After `wait_for: "window.voxel_game !== undefined"`, call as
`window.voxel_game.<fn>(...)`.
| Setter | Effect |
|--------|--------|
| `set_scene_time(t: f32)` | jump shader time to `t` seconds |
| `set_time_scale(s: f32)` | freeze (0) / fast-forward time |
| `teleport(x, y, z)` | move player feet to (x,y,z) |
| `look_at(yaw, pitch)` | set camera angles (radians) |
| `set_paused(b)` | pause input + physics |
| `set_fov(deg)` / `set_mouse_sens(s)` / `set_render_distance(blocks)` | settings |
| `respawn()` | one-shot respawn request |
| Getter | Returns |
|--------|---------|
| `get_scene_time()` | `f32` |
| `get_position()` | `[x, y, z]` |
| `get_camera_angles()` | `[yaw, pitch]` |
| `get_hp()` / `is_alive()` | from death/respawn state |
## Why this exists
When something looks wrong (e.g. "tops of blocks don't react to
sunset"), the dev loop without this is: deploy, open browser, fiddle
the time slider, compare to baseline by memory. With this, the loop
is: write a scenario that screenshots the same view at noon / sunset /
midnight, run it, diff the screenshots against a baseline. Bugs become
visible in one command.
For non-visual behaviors (e.g. "is the joystick releasing correctly?")

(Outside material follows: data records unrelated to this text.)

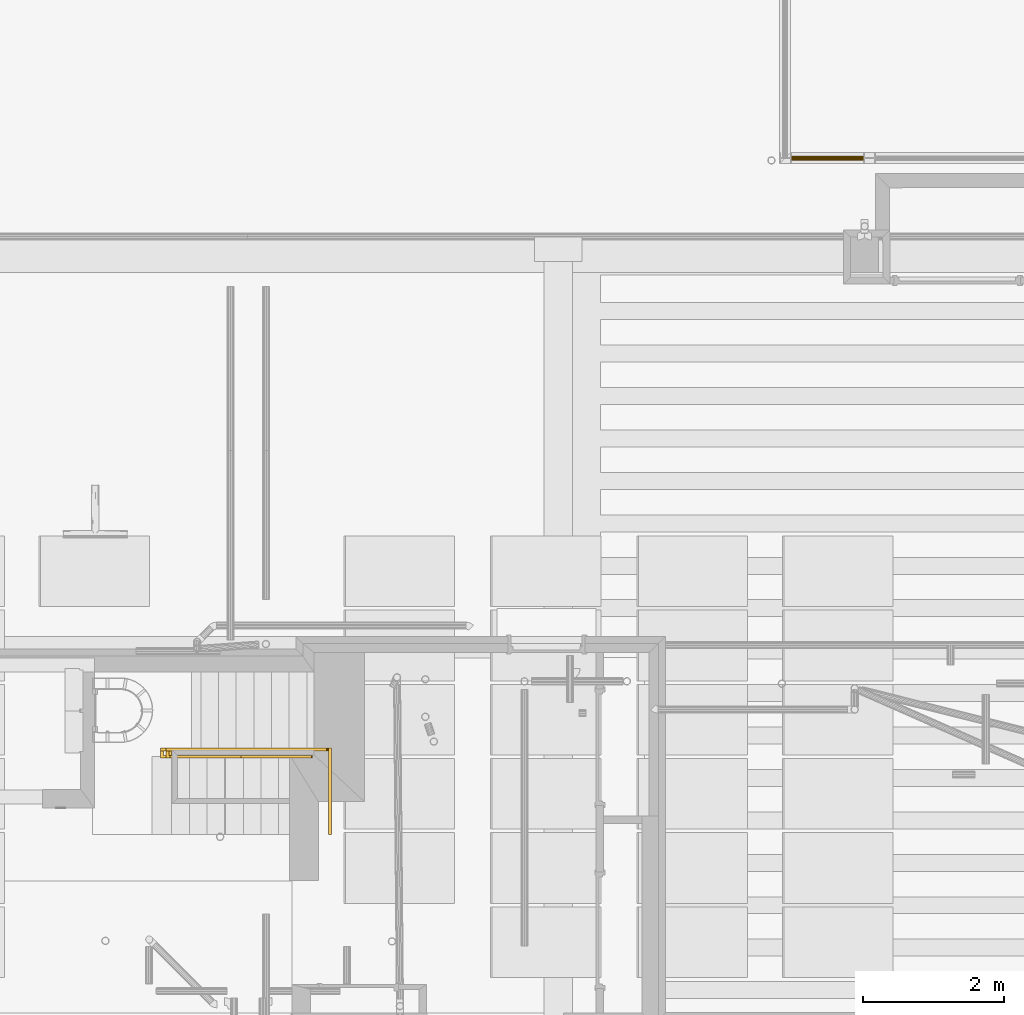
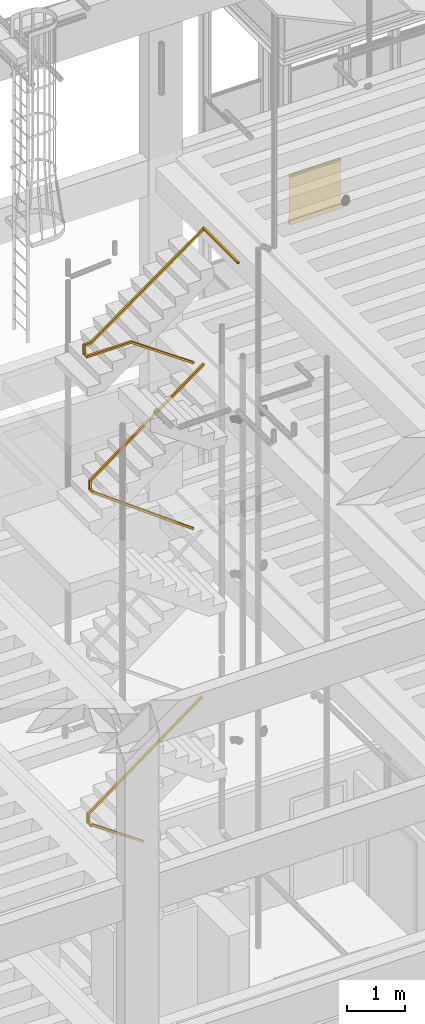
# One storey, part 30 of 108: 5 railings.
"""IFC2X3 building model written with IfcOpenShell, lengths in metres."""

from ifc_helpers import new_model, entity, si_unit, converted_unit, derived_unit, money_unit, direction, frame, origin_with_axes, place, context, subcontext, project, spatial, faceted_brep, material, type_object, element, save


model = new_model("IFC2X3")

# Units and contexts
model_context = context("Model", 3, precision=1e-05, world=origin_with_axes(), true_north=direction((0.0, 1.0)))
body_context = subcontext(model_context, "Body", "Model", "MODEL_VIEW", scale=1.0)
ifc_project = project(units=[si_unit("LENGTHUNIT", "METRE"), si_unit("AREAUNIT", "SQUARE_METRE"), si_unit("VOLUMEUNIT", "CUBIC_METRE"), si_unit("ABSORBEDDOSEUNIT", "GRAY"), si_unit("AMOUNTOFSUBSTANCEUNIT", "MOLE"), si_unit("DOSEEQUIVALENTUNIT", "SIEVERT"), si_unit("ELECTRICCAPACITANCEUNIT", "FARAD"), si_unit("ELECTRICCHARGEUNIT", "COULOMB"), si_unit("ELECTRICCONDUCTANCEUNIT", "SIEMENS"), si_unit("ELECTRICCURRENTUNIT", "AMPERE"), si_unit("ELECTRICRESISTANCEUNIT", "OHM"), si_unit("ELECTRICVOLTAGEUNIT", "VOLT"), si_unit("ENERGYUNIT", "JOULE"), si_unit("FORCEUNIT", "NEWTON"), si_unit("FREQUENCYUNIT", "HERTZ"), si_unit("ILLUMINANCEUNIT", "LUX"), si_unit("INDUCTANCEUNIT", "HENRY"), si_unit("LUMINOUSFLUXUNIT", "LUMEN"), si_unit("LUMINOUSINTENSITYUNIT", "CANDELA"), si_unit("MAGNETICFLUXDENSITYUNIT", "TESLA"), si_unit("MAGNETICFLUXUNIT", "WEBER"), si_unit("MASSUNIT", "GRAM"), converted_unit("PLANEANGLEUNIT", "degree", entity("IfcReal", 0.0174532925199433), si_unit("PLANEANGLEUNIT", "RADIAN"), dimensions=[0, 0, 0, 0, 0, 0, 0]), si_unit("POWERUNIT", "WATT"), si_unit("PRESSUREUNIT", "PASCAL"), si_unit("RADIOACTIVITYUNIT", "BECQUEREL"), si_unit("SOLIDANGLEUNIT", "STERADIAN"), si_unit("THERMODYNAMICTEMPERATUREUNIT", "KELVIN"), si_unit("TIMEUNIT", "SECOND"), derived_unit("ACCELERATIONUNIT", [(si_unit("LENGTHUNIT", "METRE"), 1), (si_unit("TIMEUNIT", "SECOND"), -2)]), derived_unit("ANGULARVELOCITYUNIT", [(converted_unit("PLANEANGLEUNIT", "degree", entity("IfcReal", 0.0174532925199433), si_unit("PLANEANGLEUNIT", "RADIAN"), dimensions=[0, 0, 0, 0, 0, 0, 0]), 1), (si_unit("TIMEUNIT", "SECOND"), -1)]), derived_unit("CURVATUREUNIT", [(converted_unit("PLANEANGLEUNIT", "degree", entity("IfcReal", 0.0174532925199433), si_unit("PLANEANGLEUNIT", "RADIAN"), dimensions=[0, 0, 0, 0, 0, 0, 0]), 1), (si_unit("LENGTHUNIT", "METRE"), -1)]), derived_unit("DYNAMICVISCOSITYUNIT", [(si_unit("PRESSUREUNIT", "PASCAL"), 1), (si_unit("TIMEUNIT", "SECOND"), 1)]), derived_unit("HEATFLUXDENSITYUNIT", [(si_unit("POWERUNIT", "WATT"), 1), (si_unit("LENGTHUNIT", "METRE"), -2)]), derived_unit("HEATINGVALUEUNIT", [(si_unit("ENERGYUNIT", "JOULE"), 1), (si_unit("MASSUNIT", "GRAM"), -1)]), derived_unit("INTEGERCOUNTRATEUNIT", [(si_unit("TIMEUNIT", "SECOND"), -1)]), derived_unit("IONCONCENTRATIONUNIT", [(si_unit("MASSUNIT", "GRAM"), 1), (si_unit("VOLUMEUNIT", "CUBIC_METRE"), -1)]), derived_unit("ISOTHERMALMOISTURECAPACITYUNIT", [(si_unit("VOLUMEUNIT", "CUBIC_METRE"), 1), (si_unit("MASSUNIT", "GRAM"), -1)]), derived_unit("KINEMATICVISCOSITYUNIT", [(si_unit("AREAUNIT", "SQUARE_METRE"), 1), (si_unit("TIMEUNIT", "SECOND"), -1)]), derived_unit("LINEARFORCEUNIT", [(si_unit("FORCEUNIT", "NEWTON"), 1), (si_unit("LENGTHUNIT", "METRE"), -1)]), derived_unit("LINEARMOMENTUNIT", [(si_unit("FORCEUNIT", "NEWTON"), 1), (si_unit("LENGTHUNIT", "METRE"), -1)]), derived_unit("LINEARSTIFFNESSUNIT", [(si_unit("FORCEUNIT", "NEWTON"), 1), (si_unit("LENGTHUNIT", "METRE"), -1)]), derived_unit("LINEARVELOCITYUNIT", [(si_unit("LENGTHUNIT", "METRE"), 1), (si_unit("TIMEUNIT", "SECOND"), -1)]), derived_unit("LUMINOUSINTENSITYDISTRIBUTIONUNIT", [(si_unit("LUMINOUSINTENSITYUNIT", "CANDELA"), 1), (si_unit("LUMINOUSFLUXUNIT", "LUMEN"), -1)]), derived_unit("MASSDENSITYUNIT", [(si_unit("MASSUNIT", "GRAM"), 1), (si_unit("VOLUMEUNIT", "CUBIC_METRE"), -1)]), derived_unit("MASSFLOWRATEUNIT", [(si_unit("MASSUNIT", "GRAM"), 1), (si_unit("TIMEUNIT", "SECOND"), -1)]), derived_unit("MASSPERLENGTHUNIT", [(si_unit("MASSUNIT", "GRAM"), 1), (si_unit("LENGTHUNIT", "METRE"), -1)]), derived_unit("MODULUSOFELASTICITYUNIT", [(si_unit("FORCEUNIT", "NEWTON"), 1), (si_unit("AREAUNIT", "SQUARE_METRE"), -1)]), derived_unit("MODULUSOFLINEARSUBGRADEREACTIONUNIT", [(si_unit("FORCEUNIT", "NEWTON"), 1), (si_unit("LENGTHUNIT", "METRE"), -2)]), derived_unit("MODULUSOFROTATIONALSUBGRADEREACTIONUNIT", [(si_unit("FORCEUNIT", "NEWTON"), 1), (si_unit("LENGTHUNIT", "METRE"), 1)]), derived_unit("MODULUSOFSUBGRADEREACTIONUNIT", [(si_unit("FORCEUNIT", "NEWTON"), 1), (si_unit("VOLUMEUNIT", "CUBIC_METRE"), -1)]), derived_unit("MOISTUREDIFFUSIVITYUNIT", [(si_unit("VOLUMEUNIT", "CUBIC_METRE"), 1), (si_unit("TIMEUNIT", "SECOND"), -1)]), derived_unit("MOLECULARWEIGHTUNIT", [(si_unit("MASSUNIT", "GRAM"), 1), (si_unit("AMOUNTOFSUBSTANCEUNIT", "MOLE"), -1)]), derived_unit("PLANARFORCEUNIT", [(si_unit("FORCEUNIT", "NEWTON"), 1), (si_unit("LENGTHUNIT", "METRE"), -2)]), derived_unit("ROTATIONALFREQUENCYUNIT", [(si_unit("TIMEUNIT", "SECOND"), -1)]), derived_unit("ROTATIONALMASSUNIT", [(si_unit("MASSUNIT", "GRAM"), 1), (si_unit("LENGTHUNIT", "METRE"), 2)]), derived_unit("ROTATIONALSTIFFNESSUNIT", [(si_unit("FORCEUNIT", "NEWTON"), 1), (si_unit("LENGTHUNIT", "METRE"), 1), (converted_unit("PLANEANGLEUNIT", "degree", entity("IfcReal", 0.0174532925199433), si_unit("PLANEANGLEUNIT", "RADIAN"), dimensions=[0, 0, 0, 0, 0, 0, 0]), -1)]), derived_unit("SECTIONAREAINTEGRALUNIT", [(si_unit("LENGTHUNIT", "METRE"), 5)]), derived_unit("SECTIONMODULUSUNIT", [(si_unit("LENGTHUNIT", "METRE"), 3)]), derived_unit("SHEARMODULUSUNIT", [(si_unit("FORCEUNIT", "NEWTON"), 1), (si_unit("AREAUNIT", "SQUARE_METRE"), -1)]), derived_unit("SOUNDPOWERUNIT", [(si_unit("ENERGYUNIT", "JOULE"), 1), (si_unit("TIMEUNIT", "SECOND"), -1)]), derived_unit("SPECIFICHEATCAPACITYUNIT", [(si_unit("FORCEUNIT", "NEWTON"), 1), (si_unit("MASSUNIT", "GRAM"), -1), (si_unit("THERMODYNAMICTEMPERATUREUNIT", "KELVIN"), -1)]), derived_unit("TEMPERATUREGRADIENTUNIT", [(si_unit("THERMODYNAMICTEMPERATUREUNIT", "KELVIN"), 1), (si_unit("LENGTHUNIT", "METRE"), -1)]), derived_unit("THERMALADMITTANCEUNIT", [(si_unit("POWERUNIT", "WATT"), 1), (si_unit("AREAUNIT", "SQUARE_METRE"), -1), (si_unit("THERMODYNAMICTEMPERATUREUNIT", "KELVIN"), -1)]), derived_unit("THERMALCONDUCTANCEUNIT", [(si_unit("POWERUNIT", "WATT"), 1), (si_unit("LENGTHUNIT", "METRE"), -1), (si_unit("THERMODYNAMICTEMPERATUREUNIT", "KELVIN"), -1)]), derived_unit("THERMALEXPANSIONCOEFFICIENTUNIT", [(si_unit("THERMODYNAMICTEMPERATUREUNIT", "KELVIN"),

the same harness sends keyboard events and reads back position
telemetry to assert "after release, player stops moving within N ms".
## Sanity guarantees
- Persistent profile means cookies, settings, and game state survive
across `launch.py` runs. The first launch is "fresh"; subsequent
ones resume where you left off.
- `launch.py` never touches the page beyond the initial navigation.
Scenarios drive the session; the launcher just hosts the browser.
- All tools attach via CDP — closing them doesn't close the browser.